┏━━

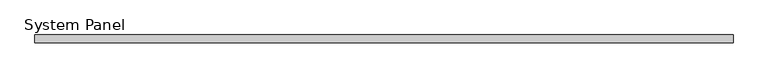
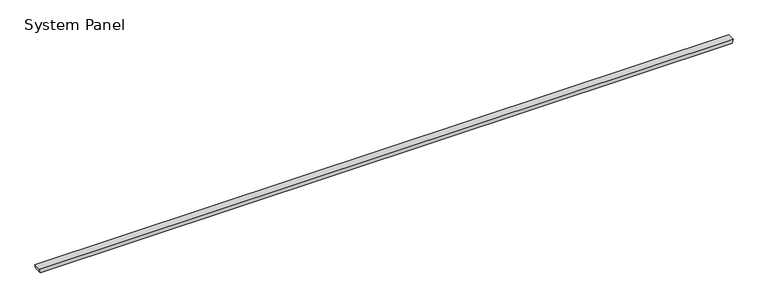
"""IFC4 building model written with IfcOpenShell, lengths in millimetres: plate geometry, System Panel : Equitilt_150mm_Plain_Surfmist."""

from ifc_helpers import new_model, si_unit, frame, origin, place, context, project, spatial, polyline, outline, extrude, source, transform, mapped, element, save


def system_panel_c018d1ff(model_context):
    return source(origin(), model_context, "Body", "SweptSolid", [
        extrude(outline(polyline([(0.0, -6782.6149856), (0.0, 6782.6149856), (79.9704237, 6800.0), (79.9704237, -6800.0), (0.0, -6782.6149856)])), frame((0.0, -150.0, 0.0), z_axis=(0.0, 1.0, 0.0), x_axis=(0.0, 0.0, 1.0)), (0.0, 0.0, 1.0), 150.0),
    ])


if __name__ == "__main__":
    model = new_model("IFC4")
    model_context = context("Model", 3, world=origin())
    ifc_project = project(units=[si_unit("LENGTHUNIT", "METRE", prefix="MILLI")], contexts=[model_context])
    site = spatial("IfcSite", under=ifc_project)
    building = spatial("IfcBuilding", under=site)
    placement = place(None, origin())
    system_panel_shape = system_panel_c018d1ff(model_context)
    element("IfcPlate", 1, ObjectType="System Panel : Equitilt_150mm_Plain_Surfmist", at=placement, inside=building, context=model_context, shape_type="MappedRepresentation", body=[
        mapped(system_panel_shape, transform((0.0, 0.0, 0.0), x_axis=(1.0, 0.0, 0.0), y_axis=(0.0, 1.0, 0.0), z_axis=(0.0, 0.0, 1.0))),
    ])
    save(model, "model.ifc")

┗━━

Your assignment: Render the records above word for word and leave the pictures out.

Answer section:
"""IFC4 building model written with IfcOpenShell, lengths in millimetres: plate geometry, System Panel : Equitilt_150mm_Plain_Surfmist."""

from ifc_helpers import new_model, si_unit, frame, origin, place, context, project, spatial, polyline, outline, extrude, source, transform, mapped, element, save


def system_panel_c018d1ff(model_context):
    return source(origin(), model_context, "Body", "SweptSolid", [
        extrude(outline(polyline([(0.0, -6782.6149856), (0.0, 6782.6149856), (79.9704237, 6800.0), (79.9704237, -6800.0), (0.0, -6782.6149856)])), frame((0.0, -150.0, 0.0), z_axis=(0.0, 1.0, 0.0), x_axis=(0.0, 0.0, 1.0)), (0.0, 0.0, 1.0), 150.0),
    ])


if __name__ == "__main__":
    model = new_model("IFC4")
    model_context = context("Model", 3, world=origin())
    ifc_project = project(units=[si_unit("LENGTHUNIT", "METRE", prefix="MILLI")], contexts=[model_context])
    site = spatial("IfcSite", under=ifc_project)
    building = spatial("IfcBuilding", under=site)
    placement = place(None, origin())
    system_panel_shape = system_panel_c018d1ff(model_context)
    element("IfcPlate", 1, ObjectType="System Panel : Equitilt_150mm_Plain_Surfmist", at=placement, inside=building, context=model_context, shape_type="MappedRepresentation", body=[
        mapped(system_panel_shape, transform((0.0, 0.0, 0.0), x_axis=(1.0, 0.0, 0.0), y_axis=(0.0, 1.0, 0.0), z_axis=(0.0, 0.0, 1.0))),
    ])
    save(model, "model.ifc")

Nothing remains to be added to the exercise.